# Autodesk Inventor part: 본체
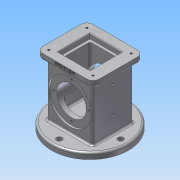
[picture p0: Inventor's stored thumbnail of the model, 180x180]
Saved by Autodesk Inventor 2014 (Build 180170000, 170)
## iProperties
Created: 2018-10
Part Number: 본체
Material: 알루미늄 6061
Document SubType Name: Modeling
Designer: Administrator
Density: 2.71 g/cm^3
Appearance: 알루미늄 - 평지
Mass: 988.221 g
Surface Area: 743.905 cm^2
Volume: 364.657 cm^3
Author: Administrator
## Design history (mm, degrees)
sketch "스케치1"
  geometry: C1 r 62.5 at (0, 0); 1 further point
  constraints: 1 centre point, 1 coincident
  dimensions: "d0" = 125 diameter of C1
extrude "돌출1" new body sketch "스케치1" distance "d1" = 10; taper "d2" = 0 deg
sketch "스케치2"
  geometry: L1 (-37, -33)-(37, -33); L2 (37, -33)-(37, 33); L3 (37, 33)-(-37, 33); L4 (-37, 33)-(-37, -33); L5 (-37, -33)-(37, 33); L6 (37, -33)-(-37, 33); 3 further points
  constraints: 12 end point, 3 midpoint, 2 parallel, 1 coincident, 1 horizontal, 1 perpendicular
  dimensions: "d3" = 74 distance of L3.end L2.end; "d4" = 66 distance of L2.end L1.end
extrude "돌출2" join sketch "스케치2" distance "d5" = 88; taper "d6" = 0 deg
sketch "스케치3"
  geometry: L1 (-46, -41)-(46, -41); L2 (46, -41)-(46, 41); L3 (46, 41)-(-46, 41); L4 (-46, 41)-(-46, -41); L5 (-46, -41)-(46, 41); L6 (46, -41)-(-46, 41); 3 further points
  constraints: 12 end point, 3 midpoint, 2 parallel, 1 coincident, 1 horizontal, 1 perpendicular
  dimensions: "d7" = 92 distance of L3.end L2.end; "d8" = 82 distance of L2.end L1.end
extrude "돌출3" join sketch "스케치3" distance "d9" = 10; taper "d10" = 0 deg
fillet "모깎기1" dims "d11" = 10
sketch "스케치4"
  geometry: L1 (-26, -26)-(26, -26); L2 (26, -26)-(26, 26); L3 (26, 26)-(-26, 26); L4 (-26, 26)-(-26, -26); L5 (-26, -26)-(26, 26); L6 (26, -26)-(-26, 26); 3 further points
  constraints: 12 end point, 3 midpoint, 2 parallel, 1 coincident, 1 horizontal, 1 perpendicular
  dimensions: "d12" = 52 distance of L3.end L2.end; "d13" = 52 distance of L2.end L1.end
extrude "돌출4" cut sketch "스케치4" distance "d14" = 8; taper "d15" = 0 deg
sketch "스케치5"
  geometry: L1 (-22, -22)-(22, -22); L2 (22, -22)-(22, 22); L3 (22, 22)-(-22, 22); L4 (-22, 22)-(-22, -22); L5 (-22, -22)-(22, 22); L6 (22, -22)-(-22, 22); 3 further points
  constraints: 12 end point, 3 midpoint, 2 parallel, 1 coincident, 1 horizontal, 1 perpendicular
  dimensions: "d16" = 44 distance of L3.end L2.end; "d17" = 44 distance of L2.end L1.end
sketch "스케치7"
  geometry: L1 (-25.5, -10)-(99.5, -10) reference; C1 r 35 at (37, 44); 2 further points
  constraints: 1 centre point, 1 midpoint, 1 vertical alignment
  dimensions: "d18" = 70 diameter of C1; "d19" = 54 distance from line of C1.centre L1
extrude "돌출5" cut sketch "스케치7" distance "d20" = 3; taper "d21" = 0 deg
extrude "돌출6" cut sketch "스케치5" distance "d22" = 74; taper "d23" = 0 deg
sketch "스케치9"
  geometry: C1 r 24 at (0, 0); 1 further point
  constraints: 1 centre point, 1 vertical alignment
  dimensions: "d24" = 54 distance of C1.centre point (0, -54); "d25" = 48 diameter of C1
extrude "돌출7" cut sketch "스케치9" stored distance "d26" = 74; taper "d27" = 0 deg
sketch "스케치11"
  geometry: C1 r 28 at (0, 0); 1 further point
  constraints: 1 centre point, 1 coincident
  dimensions: "d28" = 56 diameter of C1
extrude "돌출8" cut sketch "스케치11" distance "d29" = 18; taper "d30" = -10 deg
chamfer "모따기1" distance "d31" = 1; stored, may be unused: second distance "d32" = 2, angle "d33" = 45 deg
fillet "모깎기2" dims "d34" = 3
fillet "모깎기3" dims "d35" = 3
fillet "모깎기4" dims "d36" = 3
fillet "모깎기5" dims "d37" = 3
fillet "모깎기6" dims "d38" = 3
fillet "모깎기7" dims "d39" = 3
fillet "모깎기8" dims "d40" = 3
sketch "스케치12"
  geometry: L1 (40, -44)-(51.383, -44) reference; L2 (54.829, -47)-(54.829, -54) reference; L3 (54.829, -54)-(-54.829, -54) reference; L4 (-54.829, -54)-(-54.829, -47) reference; L5 (-51.383, -44)-(-40, -44) reference; L6 (-37, -41)-(-37, 41) reference; L7 (-40, 44)-(-43, 44) reference; L8 (-46, 47)-(-46, 54) reference; L9 (-46, 54)-(46, 54) reference; L10 (46, 54)-(46, 47) reference; L11 (43, 44)-(40, 44) reference; L12 (37, 41)-(37, -41) reference; C1 r 35 at (0, 0) reference; C2 r 24 at (0, 0) reference; A1 r 3 centre (40, -41) between (37, -41) and (40, -44) reference; A2 r 3 centre (-40, -41) between (-40, -44) and (-37, -41) reference; A3 r 3 centre (-40, 41) between (-37, 41) and (-40, 44) reference; A4 r 3 centre (-43, 47) between (-46, 47) and (-43, 44) reference; A5 r 3 centre (43, 47) between (43, 44) and (46, 47) reference; A6 r 3 centre (40, 41) between (40, 44) and (37, 41) reference; 2 further points
  constraints: 1 vertical alignment, 2 other
  dimensions: "d43" = 29 distance of C2.centre point (0, 29)
hole "구멍1" sketch "스케치12" at (0, 29) diameter "d44" = 3.242; stored, may be unused: countersink angle "d48" = 90 deg, drill point angle "d50" = 118 deg; dims "d45" = 4, "d46" = 4, "d47" = 2, "d49" = 6
sketch "스케치13"
  geometry: 2 further points
  constraints: 1 vertical alignment
  dimensions: "d55" = 50 distance of point (0, 50) point (0, 0)
hole "구멍2" sketch "스케치13" at (0, 50) diameter "d56" = 9; stored, may be unused: countersink angle "d60" = 90 deg, drill point angle "d62" = 118 deg; dims "d57" = 4, "d58" = 4, "d59" = 2, "d61" = 6
sketch "스케치14"
  geometry: L1 (95, -32.5)-(95, 92.5) reference; 3 further points
  constraints: 2 horizontal alignment
  dimensions: "d66" = 37 distance from line of L1 point (58, 30); "d67" = 43 distance of point (58, 30) point (15, 30)
hole "구멍3" sketch "스케치14" at (58, 30), (15, 30) diameter "d68" = 4.134; stored, may be unused: countersink angle "d72" = 90 deg, drill point angle "d74" = 118 deg; dims "d69" = 4, "d70" = 4, "d71" = 2, "d73" = 30
sketch "스케치15" dims "d25" = 48
  geometry: L1 (-10, 0)-(-10, -7) reference; L2 (72, -7)-(0, -7) reference; 2 further points
  constraints: 1 other
  dimensions: "d75" = 4 distance from line of L2 point (36, -3); "d76" = 46 distance from line of L1 point (36, -3)
feature "엠보싱1" sketch "스케치15" dims "d77" = 0.5, "d78" = 0
sketch "스케치16"
  geometry: 2 further points
  dimensions: "d79" = 31 vertical distance of point (-36, 31) point (0, 0); "d80" = 36 horizontal distance of point (0, 0) point (-36, 31)
hole "구멍4" sketch "스케치16" at (-36, 31) diameter "d81" = 3.242; stored, may be unused: countersink angle "d85" = 90 deg, drill point angle "d87" = 118 deg; dims "d82" = 4, "d83" = 4, "d84" = 2, "d86" = 6
node "솔리드1"
mirror "대칭1"
pattern_circular "원형 패턴1" dims angle "d52" = 360 deg
mirror "대칭2"
pattern_circular "원형 패턴2" dims angle "d64" = 360 deg
mirror "대칭3"
mirror "대칭4"
node "절단 모서리 투영1"
▬▬▬▬▬▬
**What to do**
Considering only the data above, return the lines in which "알루미늄" occurs.

**Written response**
Material: 알루미늄 6061
Appearance: 알루미늄 - 평지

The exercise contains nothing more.